Exercise goal: Check every line of the data below for the string "IfcShapeRepresentation", and copy the ones that hold it.

Data:
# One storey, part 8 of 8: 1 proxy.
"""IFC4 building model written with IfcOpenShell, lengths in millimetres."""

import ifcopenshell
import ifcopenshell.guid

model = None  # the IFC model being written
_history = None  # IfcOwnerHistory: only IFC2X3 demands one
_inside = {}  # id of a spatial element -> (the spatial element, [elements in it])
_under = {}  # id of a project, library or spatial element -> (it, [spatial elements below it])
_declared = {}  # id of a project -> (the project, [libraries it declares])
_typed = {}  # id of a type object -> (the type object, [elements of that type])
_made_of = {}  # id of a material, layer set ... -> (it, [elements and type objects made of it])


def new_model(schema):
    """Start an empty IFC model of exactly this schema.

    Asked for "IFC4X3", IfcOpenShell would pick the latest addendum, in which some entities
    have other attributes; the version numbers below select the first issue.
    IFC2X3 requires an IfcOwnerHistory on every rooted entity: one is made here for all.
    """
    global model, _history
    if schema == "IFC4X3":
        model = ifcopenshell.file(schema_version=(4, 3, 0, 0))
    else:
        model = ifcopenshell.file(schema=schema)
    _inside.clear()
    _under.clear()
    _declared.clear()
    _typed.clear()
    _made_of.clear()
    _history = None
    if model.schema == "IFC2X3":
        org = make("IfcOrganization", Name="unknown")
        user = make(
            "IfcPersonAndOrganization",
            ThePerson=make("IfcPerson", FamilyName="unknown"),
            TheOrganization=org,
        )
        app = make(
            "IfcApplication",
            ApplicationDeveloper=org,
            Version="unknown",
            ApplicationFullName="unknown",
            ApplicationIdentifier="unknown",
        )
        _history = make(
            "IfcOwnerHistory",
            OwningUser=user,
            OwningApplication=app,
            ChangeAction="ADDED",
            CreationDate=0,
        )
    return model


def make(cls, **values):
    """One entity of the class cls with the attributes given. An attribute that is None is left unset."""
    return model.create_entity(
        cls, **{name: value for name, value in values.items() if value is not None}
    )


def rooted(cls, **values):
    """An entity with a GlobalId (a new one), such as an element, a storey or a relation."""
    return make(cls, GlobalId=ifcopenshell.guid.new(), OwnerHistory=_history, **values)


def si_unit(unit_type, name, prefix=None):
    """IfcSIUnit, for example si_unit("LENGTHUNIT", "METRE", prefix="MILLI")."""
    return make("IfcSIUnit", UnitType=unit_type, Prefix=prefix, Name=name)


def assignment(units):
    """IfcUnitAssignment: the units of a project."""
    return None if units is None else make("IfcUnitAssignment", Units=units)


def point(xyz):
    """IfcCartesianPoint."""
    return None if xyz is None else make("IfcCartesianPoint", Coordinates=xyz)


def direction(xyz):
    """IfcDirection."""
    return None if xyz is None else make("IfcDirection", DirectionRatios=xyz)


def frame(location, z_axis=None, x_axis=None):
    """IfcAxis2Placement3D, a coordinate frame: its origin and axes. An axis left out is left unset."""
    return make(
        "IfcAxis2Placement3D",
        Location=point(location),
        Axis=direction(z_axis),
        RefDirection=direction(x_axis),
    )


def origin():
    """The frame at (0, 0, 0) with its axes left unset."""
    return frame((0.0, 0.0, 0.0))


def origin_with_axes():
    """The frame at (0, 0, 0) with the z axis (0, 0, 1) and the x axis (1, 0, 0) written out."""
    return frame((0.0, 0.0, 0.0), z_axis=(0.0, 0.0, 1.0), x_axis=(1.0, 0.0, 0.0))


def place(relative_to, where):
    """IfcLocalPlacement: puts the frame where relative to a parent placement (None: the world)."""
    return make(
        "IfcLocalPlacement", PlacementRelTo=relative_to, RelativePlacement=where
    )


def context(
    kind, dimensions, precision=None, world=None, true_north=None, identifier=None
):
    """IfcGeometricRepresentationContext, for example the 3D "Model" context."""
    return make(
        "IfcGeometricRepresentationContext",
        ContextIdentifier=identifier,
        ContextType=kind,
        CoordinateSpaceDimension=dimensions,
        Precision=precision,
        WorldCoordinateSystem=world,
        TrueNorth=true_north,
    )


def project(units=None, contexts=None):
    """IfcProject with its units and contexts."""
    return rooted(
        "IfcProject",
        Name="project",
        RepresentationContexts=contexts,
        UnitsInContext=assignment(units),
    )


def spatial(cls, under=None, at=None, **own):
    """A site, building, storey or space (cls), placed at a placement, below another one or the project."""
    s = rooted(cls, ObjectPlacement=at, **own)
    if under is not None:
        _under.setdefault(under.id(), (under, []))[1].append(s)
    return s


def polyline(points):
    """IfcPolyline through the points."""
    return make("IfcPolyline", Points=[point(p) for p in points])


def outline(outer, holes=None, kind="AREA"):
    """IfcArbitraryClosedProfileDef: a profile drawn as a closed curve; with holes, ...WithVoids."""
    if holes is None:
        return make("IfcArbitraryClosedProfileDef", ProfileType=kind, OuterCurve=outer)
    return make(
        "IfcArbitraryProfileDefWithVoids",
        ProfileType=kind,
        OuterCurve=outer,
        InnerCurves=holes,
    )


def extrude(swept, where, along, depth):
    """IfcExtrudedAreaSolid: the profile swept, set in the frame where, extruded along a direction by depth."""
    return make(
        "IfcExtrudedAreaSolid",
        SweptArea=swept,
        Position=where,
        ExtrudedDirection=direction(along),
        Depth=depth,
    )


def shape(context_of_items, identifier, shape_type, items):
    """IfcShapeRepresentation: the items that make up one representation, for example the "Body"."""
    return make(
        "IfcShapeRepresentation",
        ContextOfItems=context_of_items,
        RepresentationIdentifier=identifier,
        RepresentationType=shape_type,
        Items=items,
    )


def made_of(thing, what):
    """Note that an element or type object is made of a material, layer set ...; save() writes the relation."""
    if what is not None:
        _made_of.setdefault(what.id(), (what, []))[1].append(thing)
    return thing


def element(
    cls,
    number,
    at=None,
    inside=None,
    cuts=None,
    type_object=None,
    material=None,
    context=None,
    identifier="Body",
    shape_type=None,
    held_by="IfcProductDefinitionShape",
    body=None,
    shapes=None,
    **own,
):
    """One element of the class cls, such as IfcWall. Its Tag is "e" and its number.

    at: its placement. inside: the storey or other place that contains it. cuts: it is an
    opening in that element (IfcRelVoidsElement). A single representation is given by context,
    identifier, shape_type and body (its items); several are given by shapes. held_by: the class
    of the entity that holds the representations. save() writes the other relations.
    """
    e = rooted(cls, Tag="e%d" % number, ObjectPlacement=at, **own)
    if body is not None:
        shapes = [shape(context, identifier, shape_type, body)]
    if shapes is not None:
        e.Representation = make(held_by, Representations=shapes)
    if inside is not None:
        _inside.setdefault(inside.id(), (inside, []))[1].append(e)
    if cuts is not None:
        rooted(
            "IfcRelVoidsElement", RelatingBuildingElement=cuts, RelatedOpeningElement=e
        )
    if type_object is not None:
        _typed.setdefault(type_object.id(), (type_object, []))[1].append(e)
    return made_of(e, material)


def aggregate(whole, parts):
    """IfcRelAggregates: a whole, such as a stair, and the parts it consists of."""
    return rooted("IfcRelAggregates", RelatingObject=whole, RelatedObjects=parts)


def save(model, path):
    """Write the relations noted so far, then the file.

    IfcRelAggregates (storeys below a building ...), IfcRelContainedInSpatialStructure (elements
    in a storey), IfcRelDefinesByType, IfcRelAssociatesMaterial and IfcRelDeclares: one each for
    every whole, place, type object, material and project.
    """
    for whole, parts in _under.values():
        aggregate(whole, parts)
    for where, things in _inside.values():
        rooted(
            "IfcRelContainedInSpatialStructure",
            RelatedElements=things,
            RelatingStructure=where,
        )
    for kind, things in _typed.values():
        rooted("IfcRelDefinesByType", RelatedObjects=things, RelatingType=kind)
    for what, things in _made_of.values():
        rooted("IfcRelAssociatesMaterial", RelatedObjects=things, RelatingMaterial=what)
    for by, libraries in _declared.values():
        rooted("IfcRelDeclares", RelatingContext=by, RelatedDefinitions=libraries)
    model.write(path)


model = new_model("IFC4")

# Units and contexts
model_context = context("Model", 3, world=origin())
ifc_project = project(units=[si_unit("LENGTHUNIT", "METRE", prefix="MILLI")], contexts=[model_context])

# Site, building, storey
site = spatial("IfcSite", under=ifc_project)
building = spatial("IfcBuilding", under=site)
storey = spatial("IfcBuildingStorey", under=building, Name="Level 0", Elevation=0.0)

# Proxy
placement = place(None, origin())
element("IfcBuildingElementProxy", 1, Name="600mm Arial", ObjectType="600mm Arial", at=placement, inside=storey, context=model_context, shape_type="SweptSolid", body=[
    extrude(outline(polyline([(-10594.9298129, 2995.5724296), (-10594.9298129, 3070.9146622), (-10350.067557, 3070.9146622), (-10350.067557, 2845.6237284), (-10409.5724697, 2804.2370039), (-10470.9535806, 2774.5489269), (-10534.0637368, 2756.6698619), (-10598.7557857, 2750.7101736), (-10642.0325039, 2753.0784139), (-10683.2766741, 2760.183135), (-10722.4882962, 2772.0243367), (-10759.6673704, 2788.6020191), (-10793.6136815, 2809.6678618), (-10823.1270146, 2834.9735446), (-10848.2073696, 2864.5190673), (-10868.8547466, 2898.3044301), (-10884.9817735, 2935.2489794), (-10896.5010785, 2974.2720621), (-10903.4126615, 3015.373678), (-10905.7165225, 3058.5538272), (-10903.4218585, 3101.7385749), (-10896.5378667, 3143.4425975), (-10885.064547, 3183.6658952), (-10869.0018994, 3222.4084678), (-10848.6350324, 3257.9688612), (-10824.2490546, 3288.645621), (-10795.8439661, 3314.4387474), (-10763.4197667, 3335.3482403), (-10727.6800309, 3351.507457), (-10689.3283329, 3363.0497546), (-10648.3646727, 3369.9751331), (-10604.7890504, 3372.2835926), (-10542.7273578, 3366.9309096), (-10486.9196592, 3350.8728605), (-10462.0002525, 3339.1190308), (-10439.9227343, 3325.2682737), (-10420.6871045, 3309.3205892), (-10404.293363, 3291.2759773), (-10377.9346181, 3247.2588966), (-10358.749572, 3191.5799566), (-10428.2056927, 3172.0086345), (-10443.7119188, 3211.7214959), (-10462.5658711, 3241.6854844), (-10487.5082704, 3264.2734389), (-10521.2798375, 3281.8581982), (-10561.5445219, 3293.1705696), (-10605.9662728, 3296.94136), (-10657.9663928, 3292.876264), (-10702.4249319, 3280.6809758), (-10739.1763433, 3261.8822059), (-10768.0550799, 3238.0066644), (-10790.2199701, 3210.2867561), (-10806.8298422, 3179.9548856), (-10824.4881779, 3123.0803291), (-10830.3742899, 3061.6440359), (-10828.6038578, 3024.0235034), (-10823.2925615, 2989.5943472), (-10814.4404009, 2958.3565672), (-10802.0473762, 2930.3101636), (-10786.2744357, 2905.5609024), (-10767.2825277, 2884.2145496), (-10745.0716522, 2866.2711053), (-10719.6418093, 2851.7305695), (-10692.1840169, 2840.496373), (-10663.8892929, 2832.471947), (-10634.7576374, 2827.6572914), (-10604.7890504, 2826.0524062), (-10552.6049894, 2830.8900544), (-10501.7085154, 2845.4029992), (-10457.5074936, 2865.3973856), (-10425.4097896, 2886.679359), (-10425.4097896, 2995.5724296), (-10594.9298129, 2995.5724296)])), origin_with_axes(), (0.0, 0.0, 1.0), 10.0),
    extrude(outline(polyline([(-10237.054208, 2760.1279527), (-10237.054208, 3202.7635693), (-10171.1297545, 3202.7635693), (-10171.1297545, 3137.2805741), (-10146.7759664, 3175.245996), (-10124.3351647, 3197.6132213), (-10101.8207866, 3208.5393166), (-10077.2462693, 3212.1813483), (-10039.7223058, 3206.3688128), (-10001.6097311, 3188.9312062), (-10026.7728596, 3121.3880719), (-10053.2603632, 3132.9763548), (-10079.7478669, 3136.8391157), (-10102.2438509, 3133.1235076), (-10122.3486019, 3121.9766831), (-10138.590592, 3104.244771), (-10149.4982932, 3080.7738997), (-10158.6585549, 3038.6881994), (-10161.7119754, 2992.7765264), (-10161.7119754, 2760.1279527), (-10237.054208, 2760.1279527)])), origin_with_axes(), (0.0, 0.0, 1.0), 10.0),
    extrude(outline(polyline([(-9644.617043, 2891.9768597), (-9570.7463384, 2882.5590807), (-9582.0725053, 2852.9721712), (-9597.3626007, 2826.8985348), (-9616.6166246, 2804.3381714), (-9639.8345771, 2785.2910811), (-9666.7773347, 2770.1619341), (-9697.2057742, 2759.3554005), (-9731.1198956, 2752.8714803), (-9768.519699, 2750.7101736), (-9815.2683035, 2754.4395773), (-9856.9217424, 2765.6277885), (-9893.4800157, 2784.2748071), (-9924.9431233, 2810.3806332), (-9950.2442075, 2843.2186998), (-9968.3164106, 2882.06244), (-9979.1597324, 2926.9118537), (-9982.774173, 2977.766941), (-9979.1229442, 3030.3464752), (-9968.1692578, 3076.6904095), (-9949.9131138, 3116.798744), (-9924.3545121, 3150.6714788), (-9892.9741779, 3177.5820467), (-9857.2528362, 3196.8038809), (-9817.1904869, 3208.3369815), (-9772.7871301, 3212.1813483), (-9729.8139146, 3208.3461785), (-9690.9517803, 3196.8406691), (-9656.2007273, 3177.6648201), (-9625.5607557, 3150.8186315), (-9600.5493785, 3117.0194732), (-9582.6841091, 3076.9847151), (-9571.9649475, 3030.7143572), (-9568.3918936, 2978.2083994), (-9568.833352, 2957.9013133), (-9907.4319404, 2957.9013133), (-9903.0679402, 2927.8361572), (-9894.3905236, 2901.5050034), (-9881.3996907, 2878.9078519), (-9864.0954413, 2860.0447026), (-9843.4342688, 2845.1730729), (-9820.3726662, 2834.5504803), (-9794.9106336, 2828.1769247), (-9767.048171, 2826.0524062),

Exercise answer:
    """IfcShapeRepresentation: the items that make up one representation, for example the "Body"."""
        "IfcShapeRepresentation",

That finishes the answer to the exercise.